Records contained in a dataset
# # #
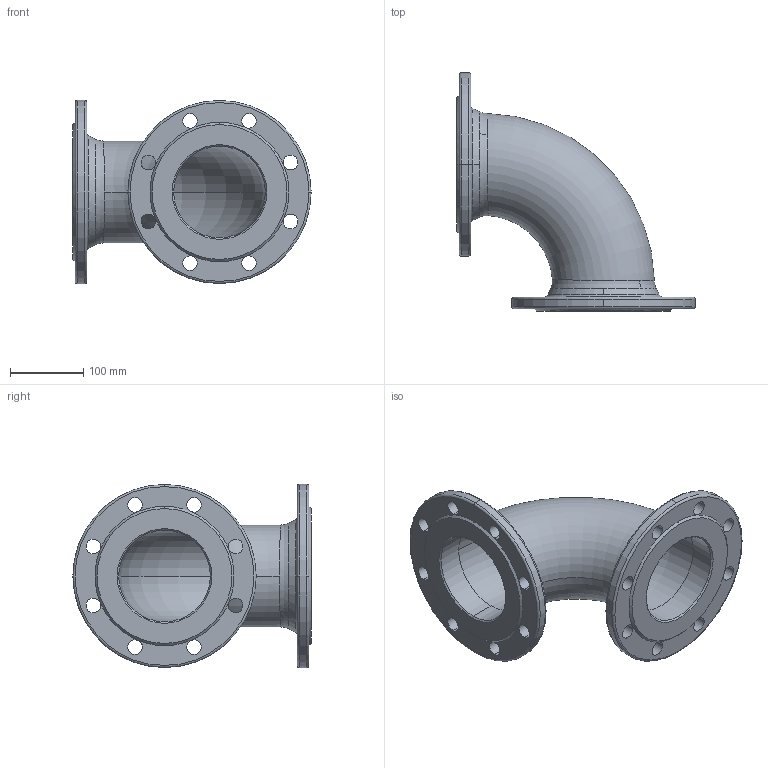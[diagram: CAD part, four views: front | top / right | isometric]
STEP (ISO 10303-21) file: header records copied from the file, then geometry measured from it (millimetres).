
FILE_DESCRIPTION (( 'STEP AP203' ), '1' );
FILE_NAME ('O_712_0610_DN125_1X_REV01.step', '2021-11-19T09:54:56', ( '' ), ( '' ), 'SwSTEP 2.0', 'SolidWorks 2019', '' );
FILE_SCHEMA (( 'CONFIG_CONTROL_DESIGN' ));
Length unit declared in the file: millimetre
Products named in the file (1): O_712_0610_DN125_1X_REV01
Bounding box: 325 x 325 x 250 mm (x, y, z)
Volume: 2094981.2 mm3; surface area: 420745.9 mm2
Topology: 1 solids, 1 shells, 167 faces, 493 edges, 320 vertices
Faces by surface type: cylinder 90, plane 41, torus 20, cone 12, bspline 4
Entity records: 7686 total; most frequent: CARTESIAN_POINT 3321, ORIENTED_EDGE 986, DIRECTION 805, EDGE_CURVE 493, AXIS2_PLACEMENT_3D 334, VERTEX_POINT 320, EDGE_LOOP 193, B_SPLINE_CURVE_WITH_KNOTS 186
# # #
WHAT YOU NEED TO DO
Word for word, restate only the lines from the one containing "STEP (ISO 10303-21)" through the last line of the entries, with both ends kept.

RESPONSE
STEP (ISO 10303-21) file: header records copied from the file, then geometry measured from it (millimetres).
FILE_DESCRIPTION (( 'STEP AP203' ), '1' );
FILE_NAME ('O_712_0610_DN125_1X_REV01.step', '2021-11-19T09:54:56', ( '' ), ( '' ), 'SwSTEP 2.0', 'SolidWorks 2019', '' );
FILE_SCHEMA (( 'CONFIG_CONTROL_DESIGN' ));
Length unit declared in the file: millimetre
Products named in the file (1): O_712_0610_DN125_1X_REV01
Bounding box: 325 x 325 x 250 mm (x, y, z)
Volume: 2094981.2 mm3; surface area: 420745.9 mm2
Topology: 1 solids, 1 shells, 167 faces, 493 edges, 320 vertices
Faces by surface type: cylinder 90, plane 41, torus 20, cone 12, bspline 4
Entity records: 7686 total; most frequent: CARTESIAN_POINT 3321, ORIENTED_EDGE 986, DIRECTION 805, EDGE_CURVE 493, AXIS2_PLACEMENT_3D 334, VERTEX_POINT 320, EDGE_LOOP 193, B_SPLINE_CURVE_WITH_KNOTS 186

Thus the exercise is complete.